Write the listing out once more, identical to the original but without pictures.
[Supplied information Boundary: Start]
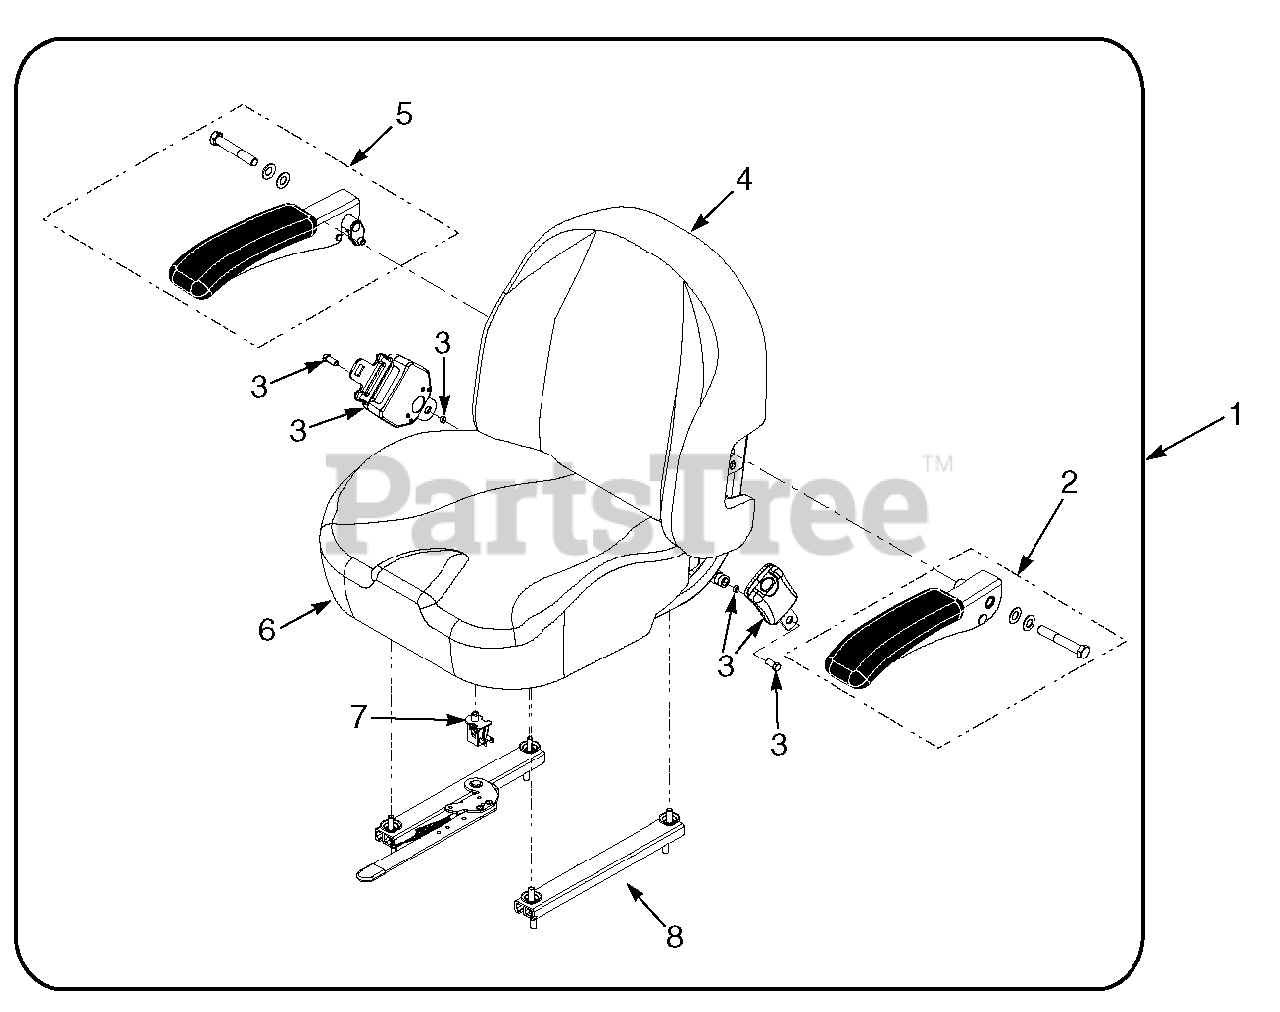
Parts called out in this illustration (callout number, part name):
1	Seat Assembly
2	Armrest Kit, LH
3	Seat Belt Kit
4	Back Cover
5	Armrest Kit, RH
6	Cushion Cover
7	Seat Switch
8	Track Kit, 6"
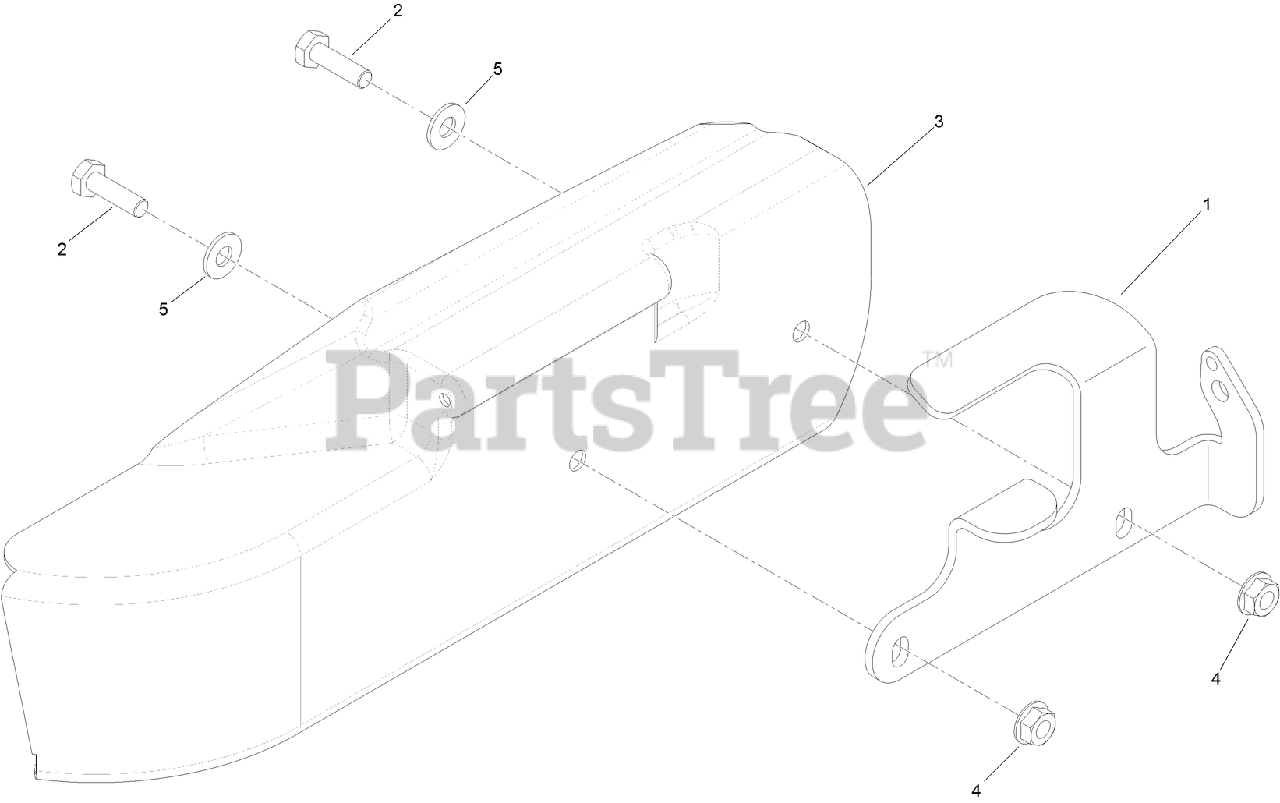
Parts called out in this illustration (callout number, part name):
1	BRACKET-DEFLECTOR, SIDE
2	SCREW-HH
3	DEFLECTOR-SIDE
4	NUT-HF
5	WASHER-FLAT
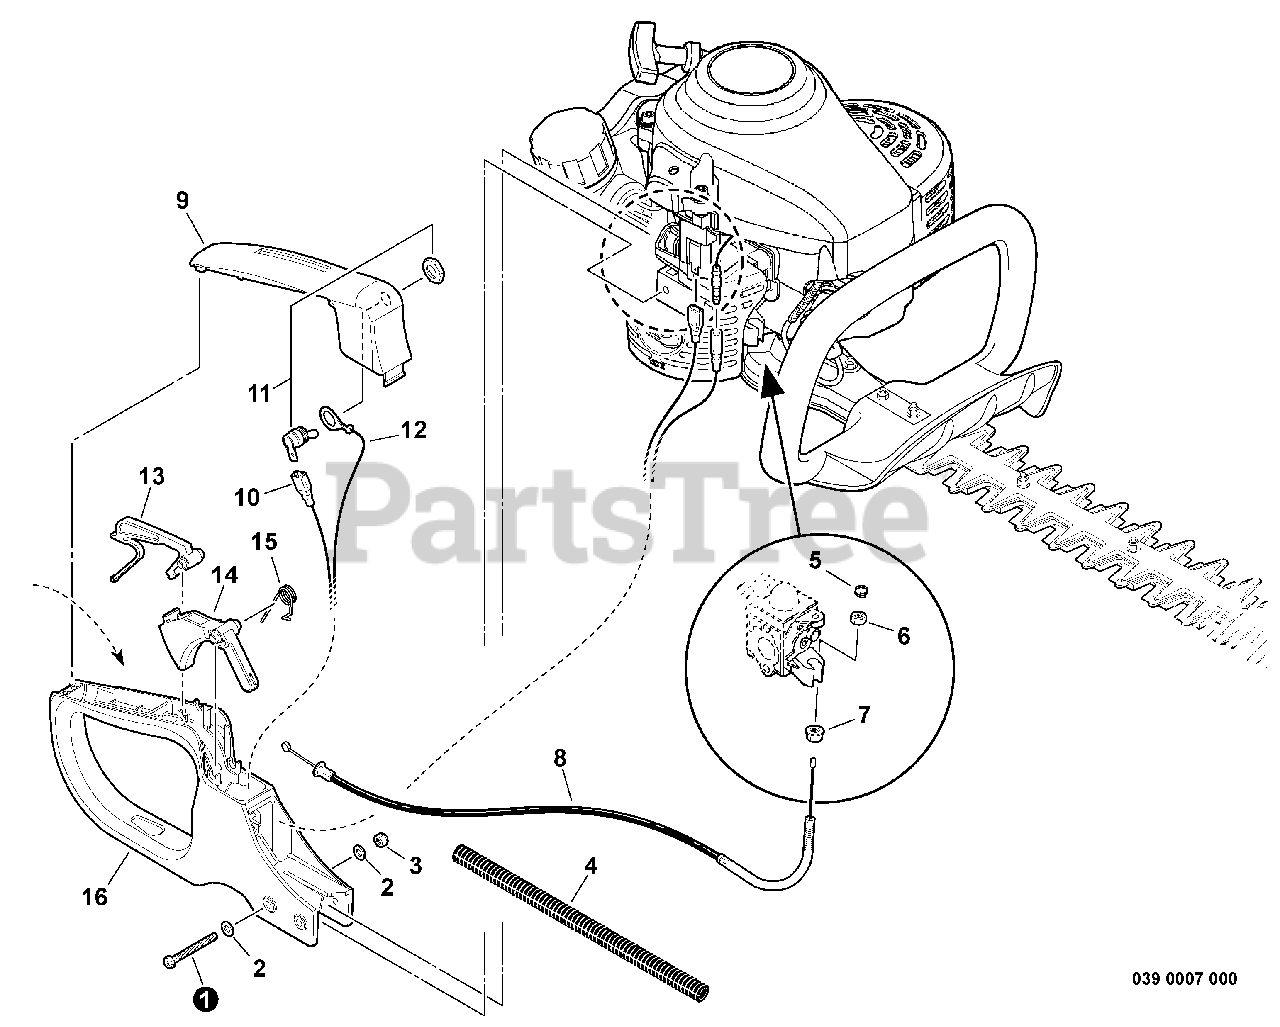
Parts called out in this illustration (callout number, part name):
1	SCREW - 5X45
2	WASHER - 5
3	LOCKNUT - 5
4	TUBE, PROTECTIVE - CORRUGATED
7	NUT - 6 -- FLANGE
8	CABLE, THROTTLE
9	COVER, HANDLE
10	LEAD - IGNITION
11	IGNITION SWITCH ASSY
12	LEAD - GROUND
13	LEVER, TRIGGER LOCKOUT
14	TRIGGER, THROTTLE
15	SPRING, TRIGGER
16	HANDLE - REAR
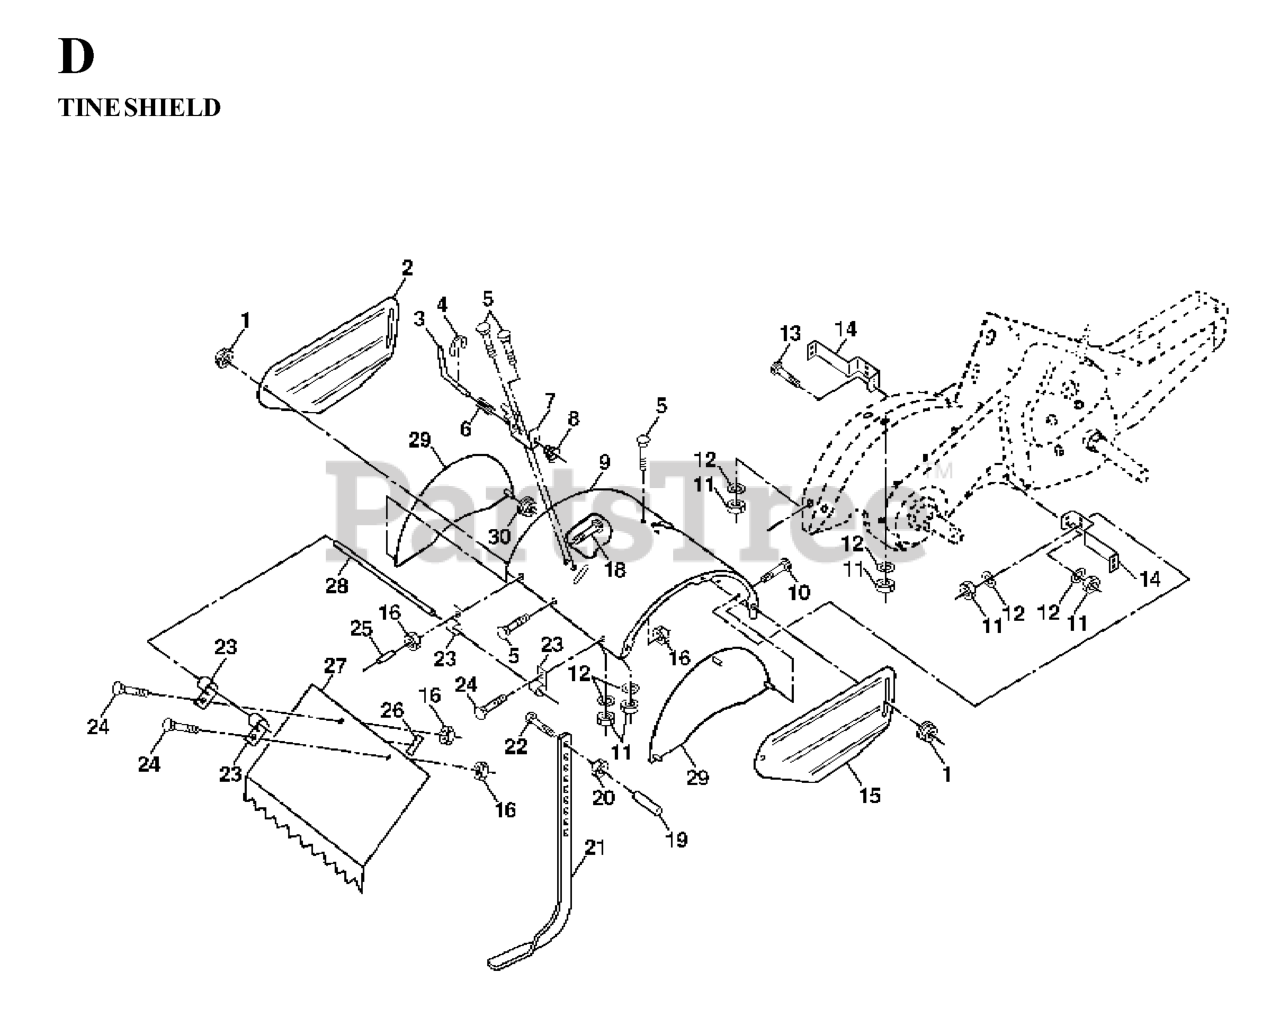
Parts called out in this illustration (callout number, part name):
1	NUT
2	SHIELD
3	STAKE PIN TI
4	KLIP RING TI
5	RP BOLT 5/16-18 X3/4 ZN/YEL GR
7	BRACKET.LATCH.STAKE.3.20.BLACK
8	SPRING CRT
9	SHIELD
12	WASHER.LOCK.HVY.HLCL.SPR.5/16
13	BOLT.CARRIAGE.5/16-18
14	BRACKET.TINE.SHIELD.TILLER.BLA
15	SIDE SHIELD RH
16	NUT
20	NUT.HEX.3/8-16UNC
21	STAKE.DEPTH.16.CRT.BLACK
22	BOLT.375-16
25	VINYL CAP TI
26	PAD IDLER TI
27	SHIELD LEVELING
28	PIN.HINGE.TILLER
29	SIDE SHIELD
30	LOCKNUT-FLANGE 5/16-18
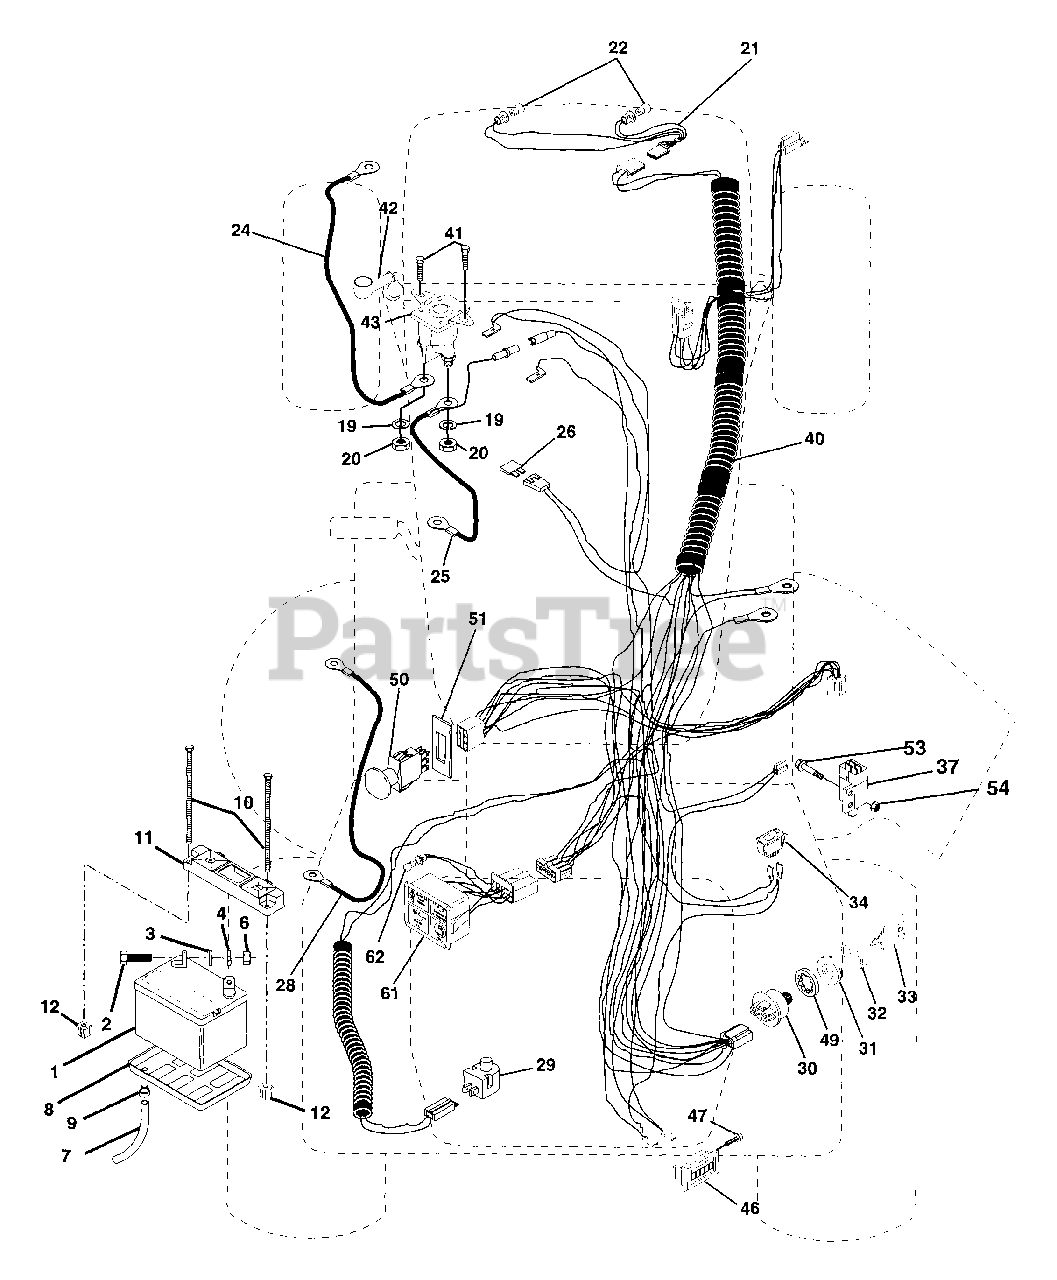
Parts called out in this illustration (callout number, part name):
1	Battery
2	Bolt Hex Head 1/4-20 x 3/4
3	Washer, Lock 1/4
4	Washer 9/32 x 5/8 x 16 Ga
6	Nut Fin Hex 1/4-20
7	Tube, Plastic
8	Tray, Battery
9	Clamp, Hose
10	Bolt, Battery Frt. 1/4-20 x 7-1/2 Zinc
11	Holddown Battery Dash Mount
12	Nut Push Nylon 1/4" Battery Frt.
19	Washer, Lock 1/4
20	Nut, Jam Hex 1/4-20
21	Harness, Socket, Light w/4152
22	Bulb, Light
24	Cable, Starter
25	Cable, Battery Red 4 Ga. w/16 Wire
28	Cable, Ground
29	Switch, Plunger
30	Switch, Ign
31	Nut, Ignition Switch
32	Cover, Switch Key
34	Switch, Light
37	Intlk Switch
40	Harness, Ign.
41	Screw 1/4-20 x 1/2
42	Cover, Terminal Red
43	Solenoid
46	Meter, Hour
47	Screw #10-24 x 1/2
49	Washer, Lock Internal Tooth 5/8
50	Switch, PTO
51	Ring, Retainer, PTO
61	Light Pkg Asm
62	Bulb, Light Pkg.
[Supplied information Boundary: End]
_Task answer_
Parts called out in this illustration (callout number, part name):
1	Seat Assembly
2	Armrest Kit, LH
3	Seat Belt Kit
4	Back Cover
5	Armrest Kit, RH
6	Cushion Cover
7	Seat Switch
8	Track Kit, 6"
Parts called out in this illustration (callout number, part name):
1	BRACKET-DEFLECTOR, SIDE
2	SCREW-HH
3	DEFLECTOR-SIDE
4	NUT-HF
5	WASHER-FLAT
Parts called out in this illustration (callout number, part name):
1	SCREW - 5X45
2	WASHER - 5
3	LOCKNUT - 5
4	TUBE, PROTECTIVE - CORRUGATED
7	NUT - 6 -- FLANGE
8	CABLE, THROTTLE
9	COVER, HANDLE
10	LEAD - IGNITION
11	IGNITION SWITCH ASSY
12	LEAD - GROUND
13	LEVER, TRIGGER LOCKOUT
14	TRIGGER, THROTTLE
15	SPRING, TRIGGER
16	HANDLE - REAR
Parts called out in this illustration (callout number, part name):
1	NUT
2	SHIELD
3	STAKE PIN TI
4	KLIP RING TI
5	RP BOLT 5/16-18 X3/4 ZN/YEL GR
7	BRACKET.LATCH.STAKE.3.20.BLACK
8	SPRING CRT
9	SHIELD
12	WASHER.LOCK.HVY.HLCL.SPR.5/16
13	BOLT.CARRIAGE.5/16-18
14	BRACKET.TINE.SHIELD.TILLER.BLA
15	SIDE SHIELD RH
16	NUT
20	NUT.HEX.3/8-16UNC
21	STAKE.DEPTH.16.CRT.BLACK
22	BOLT.375-16
25	VINYL CAP TI
26	PAD IDLER TI
27	SHIELD LEVELING
28	PIN.HINGE.TILLER
29	SIDE SHIELD
30	LOCKNUT-FLANGE 5/16-18
Parts called out in this illustration (callout number, part name):
1	Battery
2	Bolt Hex Head 1/4-20 x 3/4
3	Washer, Lock 1/4
4	Washer 9/32 x 5/8 x 16 Ga
6	Nut Fin Hex 1/4-20
7	Tube, Plastic
8	Tray, Battery
9	Clamp, Hose
10	Bolt, Battery Frt. 1/4-20 x 7-1/2 Zinc
11	Holddown Battery Dash Mount
12	Nut Push Nylon 1/4" Battery Frt.
19	Washer, Lock 1/4
20	Nut, Jam Hex 1/4-20
21	Harness, Socket, Light w/4152
22	Bulb, Light
24	Cable, Starter
25	Cable, Battery Red 4 Ga. w/16 Wire
28	Cable, Ground
29	Switch, Plunger
30	Switch, Ign
31	Nut, Ignition Switch
32	Cover, Switch Key
34	Switch, Light
37	Intlk Switch
40	Harness, Ign.
41	Screw 1/4-20 x 1/2
42	Cover, Terminal Red
43	Solenoid
46	Meter, Hour
47	Screw #10-24 x 1/2
49	Washer, Lock Internal Tooth 5/8
50	Switch, PTO
51	Ring, Retainer, PTO
61	Light Pkg Asm
62	Bulb, Light Pkg.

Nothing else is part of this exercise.